I was waiting on your next vid posting.

Looks like you may have a couple of new bears coming in and one is looking decent. I can finally say I seen a bear crap in the woods.

Are they starting to go nocturnal? I seen a couple of vids with 4 bears in it. Are you going to have to start baiting heavier?


----------



## Callinalldeer

The first Bears started hitting 26 minutes after baiting and their's a steady stream of Bears all afternoon ,evening and night. I think a couple of shooters are nocturnal because they just show up.A dominate bear is starting to chase other Bears away. 37 gallons of meat, bread, oil and fruit in less than 16 hours. I'm going to wait to see what happens and maybe put out a beaver, Game plan is to feed heavy when I hunt ( last week of June) and hunt the morning. picking up another freezer tomorrow ,so I can collect and save some food.


----------



## Callinalldeer

Baited and picked the cards up today.Twisted Foot is back but won't come out in day light???? Saw him a few days ago too. I'm wondering if some hunters educated him.We'll see if plan "A" works,lol.

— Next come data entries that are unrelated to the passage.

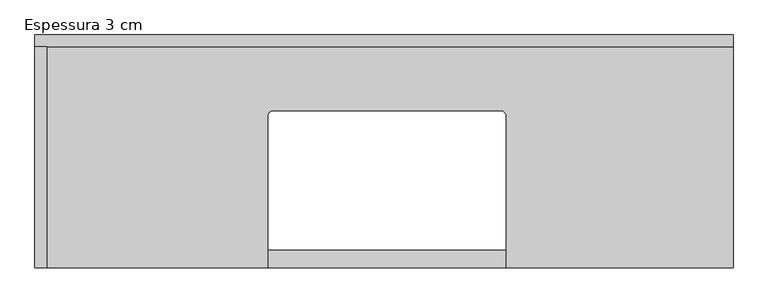
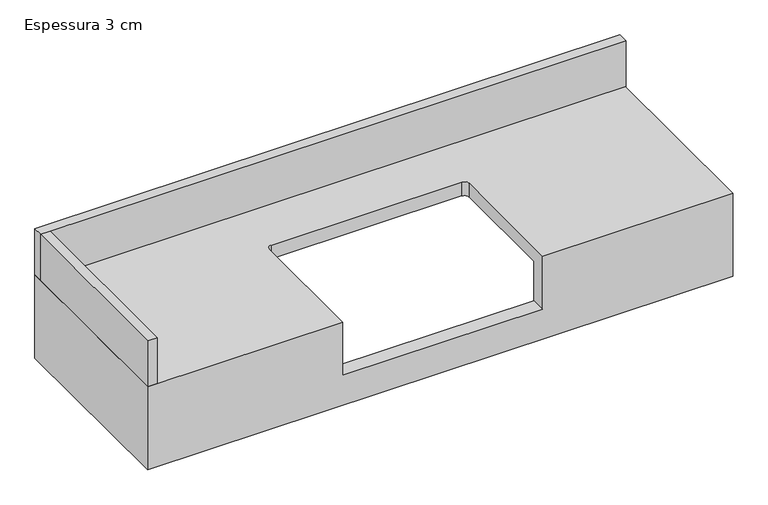
"""IFC4 building model written with IfcOpenShell, lengths in millimetres: furniture geometry, CC_BANCADA BANHEIRO COM CUBA_CANTO RETO : Espessura 3 cm."""

import ifcopenshell
import ifcopenshell.guid

model = None  # the IFC model being written
_history = None  # IfcOwnerHistory: only IFC2X3 demands one
_inside = {}  # id of a spatial element -> (the spatial element, [elements in it])
_under = {}  # id of a project, library or spatial element -> (it, [spatial elements below it])
_declared = {}  # id of a project -> (the project, [libraries it declares])
_typed = {}  # id of a type object -> (the type object, [elements of that type])
_made_of = {}  # id of a material, layer set ... -> (it, [elements and type objects made of it])


def new_model(schema):
    """Start an empty IFC model of exactly this schema.

    Asked for "IFC4X3", IfcOpenShell would pick the latest addendum, in which some entities
    have other attributes; the version numbers below select the first issue.
    IFC2X3 requires an IfcOwnerHistory on every rooted entity: one is made here for all.
    """
    global model, _history
    if schema == "IFC4X3":
        model = ifcopenshell.file(schema_version=(4, 3, 0, 0))
    else:
        model = ifcopenshell.file(schema=schema)
    _inside.clear()
    _under.clear()
    _declared.clear()
    _typed.clear()
    _made_of.clear()
    _history = None
    if model.schema == "IFC2X3":
        org = make("IfcOrganization", Name="unknown")
        user = make(
            "IfcPersonAndOrganization",
            ThePerson=make("IfcPerson", FamilyName="unknown"),
            TheOrganization=org,
        )
        app = make(
            "IfcApplication",
            ApplicationDeveloper=org,
            Version="unknown",
            ApplicationFullName="unknown",
            ApplicationIdentifier="unknown",
        )
        _history = make(
            "IfcOwnerHistory",
            OwningUser=user,
            OwningApplication=app,
            ChangeAction="ADDED",
            CreationDate=0,
        )
    return model


def make(cls, **values):
    """One entity of the class cls with the attributes given. An attribute that is None is left unset."""
    return model.create_entity(
        cls, **{name: value for name, value in values.items() if value is not None}
    )


def rooted(cls, **values):
    """An entity with a GlobalId (a new one), such as an element, a storey or a relation."""
    return make(cls, GlobalId=ifcopenshell.guid.new(), OwnerHistory=_history, **values)


def si_unit(unit_type, name, prefix=None):
    """IfcSIUnit, for example si_unit("LENGTHUNIT", "METRE", prefix="MILLI")."""
    return make("IfcSIUnit", UnitType=unit_type, Prefix=prefix, Name=name)


def assignment(units):
    """IfcUnitAssignment: the units of a project."""
    return None if units is None else make("IfcUnitAssignment", Units=units)


def point(xyz):
    """IfcCartesianPoint."""
    return None if xyz is None else make("IfcCartesianPoint", Coordinates=xyz)


def direction(xyz):
    """IfcDirection."""
    return None if xyz is None else make("IfcDirection", DirectionRatios=xyz)


def frame(location, z_axis=None, x_axis=None):
    """IfcAxis2Placement3D, a coordinate frame: its origin and axes. An axis left out is left unset."""
    return make(
        "IfcAxis2Placement3D",
        Location=point(location),
        Axis=direction(z_axis),
        RefDirection=direction(x_axis),
    )


def origin():
    """The frame at (0, 0, 0) with its axes left unset."""
    return frame((0.0, 0.0, 0.0))


def place(relative_to, where):
    """IfcLocalPlacement: puts the frame where relative to a parent placement (None: the world)."""
    return make(
        "IfcLocalPlacement", PlacementRelTo=relative_to, RelativePlacement=where
    )


def context(
    kind, dimensions, precision=None, world=None, true_north=None, identifier=None
):
    """IfcGeometricRepresentationContext, for example the 3D "Model" context."""
    return make(
        "IfcGeometricRepresentationContext",
        ContextIdentifier=identifier,
        ContextType=kind,
        CoordinateSpaceDimension=dimensions,
        Precision=precision,
        WorldCoordinateSystem=world,
        TrueNorth=true_north,
    )


def project(units=None, contexts=None):
    """IfcProject with its units and contexts."""
    return rooted(
        "IfcProject",
        Name="project",
        RepresentationContexts=contexts,
        UnitsInContext=assignment(units),
    )


def spatial(cls, under=None, at=None, **own):
    """A site, building, storey or space (cls), placed at a placement, below another one or the project."""
    s = rooted(cls, ObjectPlacement=at, **own)
    if under is not None:
        _under.setdefault(under.id(), (under, []))[1].append(s)
    return s


def polyline(points):
    """IfcPolyline through the points."""
    return make("IfcPolyline", Points=[point(p) for p in points])


def circle_curve(where, radius):
    """IfcCircle in the frame where."""
    return make("IfcCircle", Position=where, Radius=radius)


def outline(outer, holes=None, kind="AREA"):
    """IfcArbitraryClosedProfileDef: a profile drawn as a closed curve; with holes, ...WithVoids."""
    if holes is None:
        return make("IfcArbitraryClosedProfileDef", ProfileType=kind, OuterCurve=outer)
    return make(
        "IfcArbitraryProfileDefWithVoids",
        ProfileType=kind,
        OuterCurve=outer,
        InnerCurves=holes,
    )


def extrude(swept, where, along, depth):
    """IfcExtrudedAreaSolid: the profile swept, set in the frame where, extruded along a direction by depth."""
    return make(
        "IfcExtrudedAreaSolid",
        SweptArea=swept,
        Position=where,
        ExtrudedDirection=direction(along),
        Depth=depth,
    )


def shape(context_of_items, identifier, shape_type, items):
    """IfcShapeRepresentation: the items that make up one representation, for example the "Body"."""
    return make(
        "IfcShapeRepresentation",
        ContextOfItems=context_of_items,
        RepresentationIdentifier=identifier,
        RepresentationType=shape_type,
        Items=items,
    )


def source(mapping_origin, context_of_items, identifier, shape_type, items):
    """IfcRepresentationMap: a shape defined once, which mapped items show again and again."""
    return make(
        "IfcRepresentationMap",
        MappingOrigin=mapping_origin,
        MappedRepresentation=shape(context_of_items, identifier, shape_type, items),
    )


def transform(
    local_origin,
    x_axis=None,
    y_axis=None,
    z_axis=None,
    scale=None,
    scale2=None,
    scale3=None,
    uniform=True,
):
    """IfcCartesianTransformationOperator3D, or its non-uniform kind. x_axis, y_axis, z_axis: its Axis1, 2, 3."""
    if uniform:
        return make(
            "IfcCartesianTransformationOperator3D",
            Axis1=direction(x_axis),
            Axis2=direction(y_axis),
            LocalOrigin=point(local_origin),
            Scale=scale,
            Axis3=direction(z_axis),
        )
    return make(
        "IfcCartesianTransformationOperator3DnonUniform",
        Axis1=direction(x_axis),
        Axis2=direction(y_axis),
        LocalOrigin=point(local_origin),
        Scale=scale,
        Axis3=direction(z_axis),
        Scale2=scale2,
        Scale3=scale3,
    )


def mapped(mapping_source, mapping_target):
    """IfcMappedItem: shows the shape of a source again, moved by a transform."""
    return make(
        "IfcMappedItem", MappingSource=mapping_source, MappingTarget=mapping_target
    )


def made_of(thing, what):
    """Note that an element or type object is made of a material, layer set ...; save() writes the relation."""
    if what is not None:
        _made_of.setdefault(what.id(), (what, []))[1].append(thing)
    return thing


def element(
    cls,
    number,
    at=None,
    inside=None,
    cuts=None,
    type_object=None,
    material=None,
    context=None,
    identifier="Body",
    shape_type=None,
    held_by="IfcProductDefinitionShape",
    body=None,
    shapes=None,
    **own,
):
    """One element of the class cls, such as IfcWall. Its Tag is "e" and its number.

    at: its placement. inside: the storey or other place that contains it. cuts: it is an
    opening in that element (IfcRelVoidsElement). A single representation is given by context,
    identifier, shape_type and body (its items); several are given by shapes. held_by: the class
    of the entity that holds the representations. save() writes the other relations.
    """
    e = rooted(cls, Tag="e%d" % number, ObjectPlacement=at, **own)
    if body is not None:
        shapes = [shape(context, identifier, shape_type, body)]
    if shapes is not None:
        e.Representation = make(held_by, Representations=shapes)
    if inside is not None:
        _inside.setdefault(inside.id(), (inside, []))[1].append(e)
    if cuts is not None:
        rooted(
            "IfcRelVoidsElement", RelatingBuildingElement=cuts, RelatedOpeningElement=e
        )
    if type_object is not None:
        _typed.setdefault(type_object.id(), (type_object, []))[1].append(e)
    return made_of(e, material)


def aggregate(whole, parts):
    """IfcRelAggregates: a whole, such as a stair, and the parts it consists of."""
    return rooted("IfcRelAggregates", RelatingObject=whole, RelatedObjects=parts)


def save(model, path):
    """Write the relations noted so far, then the file.

    IfcRelAggregates (storeys below a building ...), IfcRelContainedInSpatialStructure (elements
    in a storey), IfcRelDefinesByType, IfcRelAssociatesMaterial and IfcRelDeclares: one each for
    every whole, place, type object, material and project.
    """
    for whole, parts in _under.values():
        aggregate(whole, parts)
    for where, things in _inside.values():
        rooted(
            "IfcRelContainedInSpatialStructure",
            RelatedElements=things,
            RelatingStructure=where,
        )
    for kind, things in _typed.values():
        rooted("IfcRelDefinesByType", RelatedObjects=things, RelatingType=kind)
    for what, things in _made_of.values():
        rooted("IfcRelAssociatesMaterial", RelatedObjects=things, RelatingMaterial=what)
    for by, libraries in _declared.values():
        rooted("IfcRelDeclares", RelatingContext=by, RelatedDefinitions=libraries)
    model.write(path)


def plane_surface(at):
    """IfcPlane: the flat surface through the origin of the frame at, square to its z axis."""
    return make("IfcPlane", Position=at)


def revolved_surface(curve, axis_point, axis_direction):
    """IfcSurfaceOfRevolution: the curve turned about the line through axis_point along axis_direction."""
    return make(
        "IfcSurfaceOfRevolution",
        SweptCurve=make("IfcArbitraryOpenProfileDef", ProfileType="CURVE", Curve=curve),
        AxisPosition=make("IfcAxis1Placement", Location=point(axis_point), Axis=direction(axis_direction)),
    )


def advanced_brep(points, edges, surfaces, faces):
    """IfcAdvancedBrep: a solid bounded by faces that lie on surfaces and meet in shared edges.

    An edge is (start, end): straight between two places in points (the first is 0);
    or (start, end, curve); or (start, end, curve, False) where it runs against its curve.
    A face is (place in surfaces, loops), or (place, loops, False) where it looks against
    its surface's normal. A loop lists edges by number (the first is 1), with a minus sign
    where the edge is run from its end to its start. The first loop is the outer one.
    """
    corners = [point(p) for p in points]
    vertices = [make("IfcVertexPoint", VertexGeometry=c) for c in corners]
    made = []
    for start, end, *more in edges:
        made.append(
            make(
                "IfcEdgeCurve",
                EdgeStart=vertices[start],
                EdgeEnd=vertices[end],
                EdgeGeometry=more[0] if more else make("IfcPolyline", Points=[corners[start], corners[end]]),
                SameSense=more[1] if len(more) > 1 else True,
            )
        )
    hull = []
    for where, loops, *sense in faces:
        bounds = []
        for j, loop in enumerate(loops):
            ring = [make("IfcOrientedEdge", EdgeElement=made[abs(k) - 1], Orientation=k > 0) for k in loop]
            bounds.append(
                make(
                    "IfcFaceOuterBound" if j == 0 else "IfcFaceBound",
                    Bound=make("IfcEdgeLoop", EdgeList=ring),
                    Orientation=True,
                )
            )
        hull.append(make("IfcAdvancedFace", Bounds=bounds, FaceSurface=surfaces[where], SameSense=sense[0] if sense else True))
    return make("IfcAdvancedBrep", Outer=make("IfcClosedShell", CfsFaces=hull))


def espessura_3_cm_a8edac31(model_context):
    return source(origin(), model_context, "Body", "SolidModel", [
        advanced_brep(
        [(750.0, 300.0, 860.0), (-450.0, 300.0, 860.0), (-450.0, -100.0, 860.0), (-50.0, -100.0, 860.0), (-50.0, 160.0, 860.0), (-40.0, 170.0, 860.0), (350.0, 170.0, 860.0), (360.0, 160.0, 860.0), (360.0, -100.0, 860.0), (750.0, -100.0, 860.0), (750.0, 300.0, 680.0), (720.0, 300.0, 680.0), (720.0, 300.0, 830.0), (-420.0, 300.0, 830.0), (-420.0, 300.0, 680.0), (-450.0, 300.0, 680.0), (-450.0, -100.0, 680.0), (750.0, -100.0, 680.0), (360.0, -100.0, 745.0), (-50.0, -100.0, 745.0), (720.0, -70.0, 830.0), (360.0, -70.0, 830.0), (360.0, 160.0, 830.0), (350.0, 170.0, 830.0), (-40.0, 170.0, 830.0), (-50.0, 160.0, 830.0), (-50.0, -70.0, 830.0), (-420.0, -70.0, 830.0), (-420.0, -70.0, 680.0), (-50.0, -70.0, 745.0), (360.0, -70.0, 745.0), (720.0, -70.0, 680.0)],
        [
            (0, 1),
            (1, 2),
            (2, 3),
            (3, 4),
            (4, 5, circle_curve(frame((-40.0, 160.0, 860.0), z_axis=(0.0, 0.0, -1.0), x_axis=(0.0, 1.0, 0.0)), 10.0)),
            (5, 6),
            (6, 7, circle_curve(frame((350.0, 160.0, 860.0), z_axis=(0.0, 0.0, -1.0), x_axis=(0.0, 1.0, 0.0)), 10.0)),
            (7, 8),
            (8, 9),
            (9, 0),
            (0, 10),
            (10, 11),
            (11, 12),
            (12, 13),
            (13, 14),
            (14, 15),
            (15, 1),
            (15, 16),
            (16, 2),
            (16, 17),
            (17, 9),
            (8, 18),
            (18, 19),
            (19, 3),
            (17, 10),
            (12, 20),
            (20, 21),
            (21, 22),
            (22, 23, circle_curve(frame((350.0, 160.0, 830.0), z_axis=(0.0, 0.0, 1.0), x_axis=(0.0, 1.0, 0.0)), 10.0)),
            (23, 24),
            (24, 25, circle_curve(frame((-40.0, 160.0, 830.0), z_axis=(0.0, 0.0, 1.0), x_axis=(0.0, 1.0, 0.0)), 10.0)),
            (25, 26),
            (26, 27),
            (27, 13),
            (27, 28),
            (28, 14),
            (26, 29),
            (29, 30),
            (30, 21),
            (20, 31),
            (31, 28),
            (11, 31),
            (5, 24),
            (23, 6),
            (18, 30),
            (29, 19),
            (4, 25),
            (7, 22),
        ],
        [
            plane_surface(frame((-450.0, 300.0, 860.0), z_axis=(0.0, 0.0, 1.0), x_axis=(-1.0, 0.0, 0.0))),
            plane_surface(frame((750.0, 300.0, 860.0), z_axis=(0.0, 1.0, 0.0), x_axis=(0.0, 0.0, -1.0))),
            plane_surface(frame((-450.0, 300.0, 860.0), z_axis=(-1.0, 0.0, 0.0), x_axis=(0.0, 0.0, -1.0))),
            plane_surface(frame((-450.0, -100.0, 860.0), z_axis=(0.0, -1.0, 0.0), x_axis=(0.0, 0.0, -1.0))),
            plane_surface(frame((750.0, -100.0, 860.0), z_axis=(1.0, 0.0, 0.0), x_axis=(0.0, 0.0, -1.0))),
            plane_surface(frame((-420.0, 300.0, 830.0), z_axis=(0.0, 0.0, -1.0), x_axis=(-1.0, 0.0, 0.0))),
            plane_surface(frame((-420.0, 300.0, 830.0), z_axis=(1.0, 0.0, 0.0), x_axis=(0.0, 0.0, -1.0))),
            plane_surface(frame((-420.0, -70.0, 830.0), z_axis=(0.0, 1.0, 0.0), x_axis=(0.0, 0.0, -1.0))),
            plane_surface(frame((720.0, -70.0, 830.0), z_axis=(-1.0, 0.0, 0.0), x_axis=(0.0, 0.0, -1.0))),
            plane_surface(frame((750.0, -100.0, 680.0), z_axis=(0.0, 0.0, -1.0), x_axis=(0.0, 1.0, 0.0))),
            plane_surface(frame((-40.0, 170.0, 745.0), z_axis=(0.0, -1.0, 0.0), x_axis=(0.0, 0.0, 1.0))),
            plane_surface(frame((350.0, 170.0, 745.0), z_axis=(0.0, 0.0, 1.0), x_axis=(1.0, 0.0, 0.0))),
            revolved_surface(polyline([(-40.0, 170.0, 830.0), (-40.0, 170.0, 860.0)]), (-40.0, 160.0, 900.0), (0.0, 0.0, -1.0)),
            plane_surface(frame((-50.0, -230.0, 745.0), z_axis=(1.0, 0.0, 0.0), x_axis=(0.0, 0.0, 1.0))),
            plane_surface(frame((360.0, 160.0, 745.0), z_axis=(-1.0, 0.0, 0.0), x_axis=(0.0, 0.0, 1.0))),
            revolved_surface(polyline([(350.0, 170.0, 830.0), (350.0, 170.0, 860.0)]), (350.0, 160.0, 900.0), (0.0, 0.0, -1.0)),
        ],
        [
            (0, [[1, 2, 3, 4, 5, 6, 7, 8, 9, 10]]),
            (1, [[-1, 11, 12, 13, 14, 15, 16, 17]]),
            (2, [[-2, -17, 18, 19]]),
            (3, [[-3, -19, 20, 21, -9, 22, 23, 24]]),
            (4, [[-10, -21, 25, -11]]),
            (5, [[26, 27, 28, 29, 30, 31, 32, 33, 34, -14]]),
            (6, [[-34, 35, 36, -15]]),
            (7, [[-33, 37, 38, 39, -27, 40, 41, -35]]),
            (8, [[-26, -13, 42, -40]]),
            (9, [[-12, -25, -20, -18, -16, -36, -41, -42]]),
            (10, [[-6, 43, -30, 44]]),
            (11, [[-23, 45, -38, 46]]),
            (12, [[-5, 47, -31, -43]]),
            (13, [[-4, -24, -46, -37, -32, -47]]),
            (14, [[-8, 48, -28, -39, -45, -22]]),
            (15, [[-7, -44, -29, -48]]),
        ],
    ),
        extrude(outline(polyline([(-430.0, -100.0), (-450.0, -100.0), (-450.0, 280.0), (-430.0, 280.0), (-430.0, -100.0)])), frame((0.0, 0.0, 860.0), z_axis=(0.0, 0.0, 1.0), x_axis=(1.0, 0.0, 0.0)), (0.0, 0.0, 1.0), 100.0),
        extrude(outline(polyline([(750.0, 300.0), (750.0, 280.0), (-450.0, 280.0), (-450.0, 300.0), (750.0, 300.0)])), frame((0.0, 0.0, 860.0), z_axis=(0.0, 0.0, 1.0), x_axis=(1.0, 0.0, 0.0)), (0.0, 0.0, 1.0), 100.0),
    ])


if __name__ == "__main__":
    model = new_model("IFC4")
    model_context = context("Model", 3, world=origin())
    ifc_project = project(units=[si_unit("LENGTHUNIT", "METRE", prefix="MILLI")], contexts=[model_context])
    site = spatial("IfcSite", under=ifc_project)
    building = spatial("IfcBuilding", under=site)
    placement = place(None, origin())
    espessura_3_cm_shape = espessura_3_cm_a8edac31(model_context)
    element("IfcFurniture", 1, ObjectType="CC_BANCADA BANHEIRO COM CUBA_CANTO RETO : Espessura 3 cm", at=placement, inside=building, context=model_context, shape_type="MappedRepresentation", body=[
        mapped(espessura_3_cm_shape, transform((0.0, 0.0, 0.0), x_axis=(1.0, 0.0, 0.0), y_axis=(0.0, 1.0, 0.0), z_axis=(0.0, 0.0, 1.0))),
    ])
    save(model, "model.ifc")

# Revit data of these elements
# Type "CC_BANCADA BANHEIRO COM CUBA_CANTO RETO : Espessura 3 cm"
#   Uso HS [instance default] = ""
#   h TESTEIRA AUX [instance default] = 0.15 m
#   Altura testeira [instance default] = 0.15 m
#   Altura rodapia [instance default] = 0.10 m
#   Espessura rodapia [instance default] = 0.02 m
#   Prof/2 [instance default] = 0.20 m
#   Offset cuba esquerda [instance default] = 0.40 m
#   Depth [instance default] = 1.20 m
#   Width [instance default] = 0.40 m
#   Espessura bancada = 0.03 m
#   Comprimento [instance default] = 1.20 m
#   Height [instance default] = 0.86 m
#   Testeira [instance default] = yes
#   Rodapia fundo [instance default] = no
#   Rodapia esquerda [instance default] = no
#   Rodapia direita [instance default] = no
#   Material porta-toalha [instance default] = .CROMADO
#   Material hidráulico [instance default] = .CROMADO
#   Material cuba [instance default] = .PORCELANA BRANCA
#   Material bancada [instance default] = .GRANITO_BRANCO_ITAUNAS
#   Assembly Code = ""
# Element 1 (IfcFurniture, "CC_BANCADA BANHEIRO COM CUBA_CANTO RETO : Espessura 3 cm")
#   Uso HS = "BANHO SUÍTE 2"
#   Rodapia fundo = yes
#   Rodapia esquerda = yes
#   Materials on its faces: ".GRANITO_BRANCO_ITAUNAS"
# Materials
#   ".CROMADO": class "CC_METAIS", colour RGB 211 223 226, transparency 0, Cost = 0
#   ".PORCELANA BRANCA": class "CC_PORCELANA", colour RGB 230 230 230, transparency 0, Cost = 0
#   ".GRANITO_BRANCO_ITAUNAS": class ".CC_PEDRA REVEST.", colour RGB 202 195 174, transparency 0, Description = "Revestimento em granito", Cost = 0

http://vidmg.photobucket.com/albums/v244/Greenhorn/PICT0051_2.mp4

only watch a few seconds, i love running bears,lol.

http://vidmg.photobucket.com/albums/v244/Greenhorn/PICT0048.mp4

bucket is 32inches off the ground,

http://vidmg.photobucket.com/albums/v244/Greenhorn/PICT0055_1.mp4

same bear

http://vidmg.photobucket.com/albums/v244/Greenhorn/PICT0056_1.mp4

http://vidmg.photobucket.com/albums/v244/Greenhorn/PICT0047.mp4

http://vidmg.photobucket.com/albums/v244/Greenhorn/PICT0039_3.mp4

http://vidmg.photobucket.com/albums/v244/Greenhorn/PICT0032_1.mp4

http://vidmg.photobucket.com/albums/v244/Greenhorn/PICT0036_4.mp4


----------



## Liver and Onions

Callinalldeer said:


> T. 37 gallons of meat, bread, oil and fruit in less than 16 hours.............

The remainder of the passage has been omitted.